WHAT YOU SHOULD DO
Don't include pictures. Quote the lines below from the first through the line that contains "from ifc_helpers import".

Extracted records
+---+

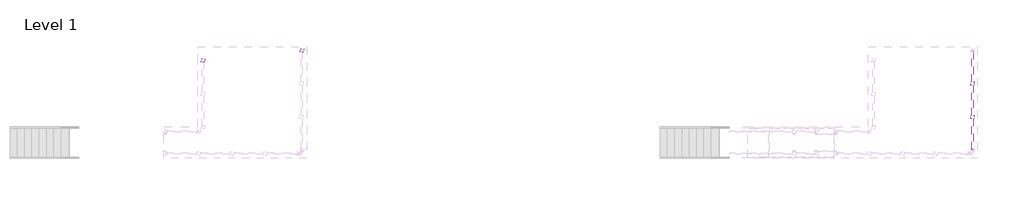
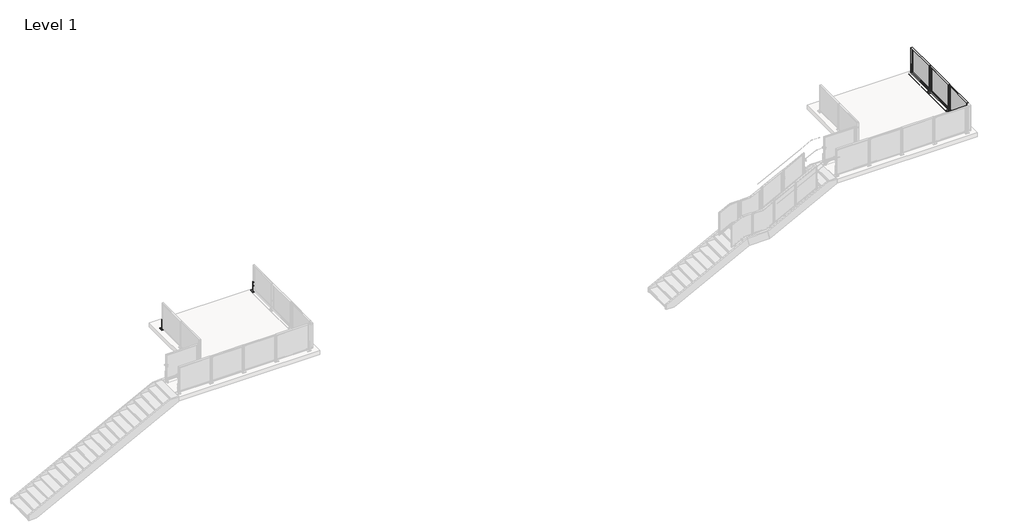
# One storey, part 18 of 37: 2 proxies, 1 railing.
"""IFC4 building model written with IfcOpenShell, lengths in millimetres."""

from ifc_helpers import new_model, si_unit, point, frame, frame_2d, origin, place, context, project, spatial, polyline, circle_curve, trimmed, segment, composite_curve, outline, extrude, faceted_brep, transform, mapped, element, save
from ifc_brep_helpers import plane_surface, cylinder_surface, advanced_brep
from components import baluster_end_post_viva_frame_top_mount_efd1a991

model = new_model("IFC4")

# Units and contexts
model_context = context("Model", 3, world=origin())
ifc_project = project(units=[si_unit("LENGTHUNIT", "METRE", prefix="MILLI")], contexts=[model_context])

# Site, building, storey
site = spatial("IfcSite", under=ifc_project)
building = spatial("IfcBuilding", under=site)
storey = spatial("IfcBuildingStorey", under=building, Name="Level 1", Elevation=0.0)

# Proxies
placement = place(None, origin())
baluster_end_post_viva_frame_top_mount_shape = baluster_end_post_viva_frame_top_mount_efd1a991(model_context)
element("IfcBuildingElementProxy", 1, Name="Baluster-End-Post-VIVA-FRAME-Top Mount : ANCHORED TO CONCRETE_TOP MOUNT FOLD_STRAIGHT", ObjectType="Baluster-End-Post-VIVA-FRAME-Top Mount : ANCHORED TO CONCRETE_TOP MOUNT FOLD_STRAIGHT", at=placement, inside=storey, context=model_context, shape_type="MappedRepresentation", body=[
    mapped(baluster_end_post_viva_frame_top_mount_shape, transform((-31481.1959244, -14872.2829234, 3047.492), x_axis=(0.0, -1.0, 0.0), y_axis=(1.0, 0.0, 0.0), z_axis=(0.0, 0.0, 1.0))),
])
element("IfcBuildingElementProxy", 2, Name="Baluster-End-Post-VIVA-FRAME-Top Mount : ANCHORED TO CONCRETE_TOP MOUNT FOLD_STRAIGHT", ObjectType="Baluster-End-Post-VIVA-FRAME-Top Mount : ANCHORED TO CONCRETE_TOP MOUNT FOLD_STRAIGHT", at=placement, inside=storey, context=model_context, shape_type="MappedRepresentation", body=[
    mapped(baluster_end_post_viva_frame_top_mount_shape, transform((-27904.0759339, -14480.5208207, 3047.492), x_axis=(0.0, 1.0, 0.0), y_axis=(-1.0, 0.0, 0.0), z_axis=(0.0, 0.0, 1.0))),
])

# Railing
element("IfcRailing", 3, ObjectType="Metal-Panel-VIVA-FRAME-Slab-Top-Anchor-Straight", at=placement, inside=storey, context=model_context, shape_type="SolidModel", body=[
    extrude(outline(composite_curve([segment(trimmed(circle_curve(frame_2d((3047.746, -2300.8759339)), 0.254), [point((3047.746, -2300.6219339))], [point((3047.746, -2301.1299339))], False, "CARTESIAN"), True, "CONTINUOUS"), segment(trimmed(circle_curve(frame_2d((3047.746, -2300.8759339)), 0.254), [point((3047.746, -2301.1299339))], [point((3047.746, -2300.6219339))], False, "CARTESIAN"), True, "CONTINUOUS")], self_intersect=False)), frame((0.0, -18290.5208207, 0.0), z_axis=(0.0, 1.0, 0.0), x_axis=(0.0, 0.0, 1.0)), (0.0, 0.0, 1.0), 3810.0),
    extrude(outline(composite_curve([segment(trimmed(circle_curve(frame_2d((3047.746, -2300.8759339)), 0.254), [point((3047.746, -2300.6219339))], [point((3047.746, -2301.1299339))], False, "CARTESIAN"), True, "CONTINUOUS"), segment(trimmed(circle_curve(frame_2d((3047.746, -2300.8759339)), 0.254), [point((3047.746, -2301.1299339))], [point((3047.746, -2300.6219339))], False, "CARTESIAN"), True, "CONTINUOUS")], self_intersect=False)), frame((0.0, -18290.5208207, 0.0), z_axis=(0.0, 1.0, 0.0), x_axis=(0.0, 0.0, 1.0)), (0.0, 0.0, 1.0), 3810.0),
    extrude(outline(polyline([(-2178.0655339, -15709.6943638), (-2181.0655339, -15709.6943638), (-2181.0655339, -14521.3472777), (-2178.0655339, -14521.3472777), (-2178.0655339, -15709.6943638)])), frame((0.0, 0.0, 3124.1959569), z_axis=(0.0, 0.0, 1.0), x_axis=(1.0, 0.0, 0.0)), (0.0, 0.0, 1.0), 990.5826861),
    faceted_brep([(-2178.0655339, -15735.0943638, 4140.1786431), (-2178.0655339, -15735.0943638, 3098.7959569), (-2178.0655339, -14495.9472777, 3098.7959569), (-2178.0655339, -14495.9472777, 4140.1786431), (-2178.0655339, -15709.6943638, 4114.7786431), (-2178.0655339, -14521.3472777, 4114.7786431), (-2178.0655339, -14521.3472777, 3124.1959569), (-2178.0655339, -15709.6943638, 3124.1959569), (-2181.0655339, -14521.3472777, 3124.1959569), (-2181.0655339, -15709.6943638, 3124.1959569), (-2181.0655339, -14521.3472777, 4114.7786431), (-2181.0655339, -15709.6943638, 4114.7786431), (-2231.8655339, -15729.0999638, 3104.7903569), (-2201.0553339, -15729.0999638, 3104.7903569), (-2201.0553339, -14501.9416777, 3104.7903569), (-2231.8655339, -14501.9416777, 3104.7903569), (-2201.0553339, -14501.9416777, 4134.1842431), (-2231.8655339, -14501.9416777, 4134.1842431), (-2231.8655339, -15729.0999638, 4134.1842431), (-2201.0553339, -15729.0999638, 4134.1842431), (-2231.8655339, -14495.9472777, 3098.7959569), (-2231.8655339, -15735.0943638, 3098.7959569), (-2231.8655339, -15735.0943638, 4140.1786431), (-2231.8655339, -14495.9472777, 4140.1786431), (-2181.0655339, -15684.2943638, 4089.3786431), (-2181.0655339, -14546.7472777, 4089.3786431), (-2181.0655339, -14546.7472777, 3149.5959569), (-2181.0655339, -15684.2943638, 3149.5959569), (-2201.0553339, -14546.7472777, 3149.5959569), (-2201.0553339, -14546.7472777, 4089.3786431), (-2201.0553339, -15684.2943638, 4089.3786431), (-2201.0553339, -15684.2943638, 3149.5959569)], [[[0, 1, 2, 3], [4, 5, 6, 7]], [[7, 6, 8, 9]], [[6, 5, 10, 8]], [[5, 4, 11, 10]], [[4, 7, 9, 11]], [[12, 13, 14, 15]], [[15, 14, 16, 17]], [[13, 12, 18, 19]], [[20, 21, 22, 23], [12, 15, 17, 18]], [[21, 1, 0, 22]], [[21, 20, 2, 1]], [[2, 20, 23, 3]], [[22, 0, 3, 23]], [[11, 9, 8, 10], [24, 25, 26, 27]], [[14, 13, 19, 16], [28, 29, 30, 31]], [[19, 18, 17, 16]], [[25, 24, 30, 29]], [[26, 25, 29, 28]], [[27, 26, 28, 31]], [[24, 27, 31, 30]]]),
    advanced_brep(
    [(-2204.9655339, -15776.7082207, 3178.1496), (-2204.9655339, -15776.7082207, 3197.2504), (-2204.9655339, -15776.7082207, 3187.7), (-2204.9655339, -15771.9330207, 3178.1496), (-2204.9655339, -15771.9330207, 3197.2504), (-2204.9655339, -15771.9330207, 3182.9248), (-2204.9655339, -15771.9330207, 3192.4752), (-2204.9655339, -15729.1086207, 3182.9248), (-2204.9655339, -15729.1086207, 3192.4752), (-2204.9655339, -15729.1086207, 3178.1496), (-2204.9655339, -15729.1086207, 3197.2504), (-2204.9655339, -15724.3334207, 3178.1496), (-2204.9655339, -15724.3334207, 3197.2504), (-2204.9655339, -15724.3334207, 3187.7)],
    [
        (0, 1, circle_curve(frame((-2204.9655339, -15776.7082207, 3187.7), z_axis=(0.0, -1.0, 0.0), x_axis=(0.0, 0.0, 1.0)), 9.5504)),
        (1, 2),
        (2, 0),
        (1, 0, circle_curve(frame((-2204.9655339, -15776.7082207, 3187.7), z_axis=(0.0, -1.0, 0.0), x_axis=(0.0, 0.0, 1.0)), 9.5504)),
        (3, 4, circle_curve(frame((-2204.9655339, -15771.9330207, 3187.7), z_axis=(0.0, -1.0, 0.0), x_axis=(0.0, 0.0, 1.0)), 9.5504)),
        (4, 1),
        (0, 3),
        (4, 3, circle_curve(frame((-2204.9655339, -15771.9330207, 3187.7), z_axis=(0.0, -1.0, 0.0), x_axis=(0.0, 0.0, 1.0)), 9.5504)),
        (5, 6, circle_curve(frame((-2204.9655339, -15771.9330207, 3187.7), z_axis=(0.0, -1.0, 0.0), x_axis=(0.0, 0.0, 1.0)), 4.7752)),
        (6, 4),
        (3, 5),
        (6, 5, circle_curve(frame((-2204.9655339, -15771.9330207, 3187.7), z_axis=(0.0, -1.0, 0.0), x_axis=(0.0, 0.0, 1.0)), 4.7752)),
        (7, 8, circle_curve(frame((-2204.9655339, -15729.1086207, 3187.7), z_axis=(0.0, -1.0, 0.0), x_axis=(0.0, 0.0, 1.0)), 4.7752)),
        (8, 6),
        (5, 7),
        (8, 7, circle_curve(frame((-2204.9655339, -15729.1086207, 3187.7), z_axis=(0.0, -1.0, 0.0), x_axis=(0.0, 0.0, 1.0)), 4.7752)),
        (9, 10, circle_curve(frame((-2204.9655339, -15729.1086207, 3187.7), z_axis=(0.0, -1.0, 0.0), x_axis=(0.0, 0.0, 1.0)), 9.5504)),
        (10, 8),
        (7, 9),
        (10, 9, circle_curve(frame((-2204.9655339, -15729.1086207, 3187.7), z_axis=(0.0, -1.0, 0.0), x_axis=(0.0, 0.0, 1.0)), 9.5504)),
        (11, 12, circle_curve(frame((-2204.9655339, -15724.3334207, 3187.7), z_axis=(0.0, -1.0, 0.0), x_axis=(0.0, 0.0, 1.0)), 9.5504)),
        (12, 10),
        (9, 11),
        (12, 11, circle_curve(frame((-2204.9655339, -15724.3334207, 3187.7), z_axis=(0.0, -1.0, 0.0), x_axis=(0.0, 0.0, 1.0)), 9.5504)),
        (13, 12),
        (11, 13),
    ],
    [
        plane_surface(frame((-2204.9655339, -15776.7082207, 3187.7), z_axis=(0.0, -1.0, 0.0), x_axis=(0.0, 0.0, 1.0))),
        cylinder_surface(frame((-2204.9655339, -19168.2885779, 3187.7), z_axis=(0.0, 1.0, 0.0), x_axis=(0.0, 0.0, 1.0)), 9.5504),
        plane_surface(frame((-2204.9655339, -15771.9330207, 3187.7), z_axis=(0.0, 1.0, 0.0), x_axis=(0.0, 0.0, 1.0))),
        cylinder_surface(frame((-2204.9655339, -19168.2885779, 3187.7), z_axis=(0.0, 1.0, 0.0), x_axis=(0.0, 0.0, 1.0)), 4.7752),
        plane_surface(frame((-2204.9655339, -15729.1086207, 3187.7), z_axis=(0.0, -1.0, 0.0), x_axis=(0.0, 0.0, 1.0))),
        plane_surface(frame((-2204.9655339, -15724.3334207, 3187.7), z_axis=(0.0, 1.0, 0.0), x_axis=(0.0, 0.0, 1.0))),
    ],
    [
        (0, [[1, 2, 3]]),
        (0, [[4, -3, -2]]),
        (1, [[5, 6, -1, 7]]),
        (1, [[8, -7, -4, -6]]),
        (2, [[9, 10, -5, 11]]),
        (2, [[12, -11, -8, -10]]),
        (3, [[13, 14, -9, 15]]),
        (3, [[16, -15, -12, -14]]),
        (4, [[17, 18, -13, 19]]),
        (4, [[20, -19, -16, -18]]),
        (1, [[21, 22, -17, 23]]),
        (1, [[24, -23, -20, -22]]),
        (5, [[25, -21, 26]]),
        (5, [[-26, -24, -25]]),
    ],
),
    advanced_brep(
    [(-2204.9655339, -15776.7082207, 3419.4496), (-2204.9655339, -15776.7082207, 3438.5504), (-2204.9655339, -15776.7082207, 3429.0), (-2204.9655339, -15771.9330207, 3419.4496), (-2204.9655339, -15771.9330207, 3438.5504), (-2204.9655339, -15771.9330207, 3424.2248), (-2204.9655339, -15771.9330207, 3433.7752), (-2204.9655339, -15729.1086207, 3424.2248), (-2204.9655339, -15729.1086207, 3433.7752), (-2204.9655339, -15729.1086207, 3419.4496), (-2204.9655339, -15729.1086207, 3438.5504), (-2204.9655339, -15724.3334207, 3419.4496), (-2204.9655339, -15724.3334207, 3438.5504), (-2204.9655339, -15724.3334207, 3429.0)],
    [
        (0, 1, circle_curve(frame((-2204.9655339, -15776.7082207, 3429.0), z_axis=(0.0, -1.0, 0.0), x_axis=(0.0, 0.0, 1.0)), 9.5504)),
        (1, 2),
        (2, 0),
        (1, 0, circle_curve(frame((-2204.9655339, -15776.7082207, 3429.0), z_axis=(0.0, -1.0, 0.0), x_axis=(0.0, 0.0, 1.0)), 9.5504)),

+---+

RESULT
# One storey, part 18 of 37: 2 proxies, 1 railing.
"""IFC4 building model written with IfcOpenShell, lengths in millimetres."""

from ifc_helpers import new_model, si_unit, point, frame, frame_2d, origin, place, context, project, spatial, polyline, circle_curve, trimmed, segment, composite_curve, outline, extrude, faceted_brep, transform, mapped, element, save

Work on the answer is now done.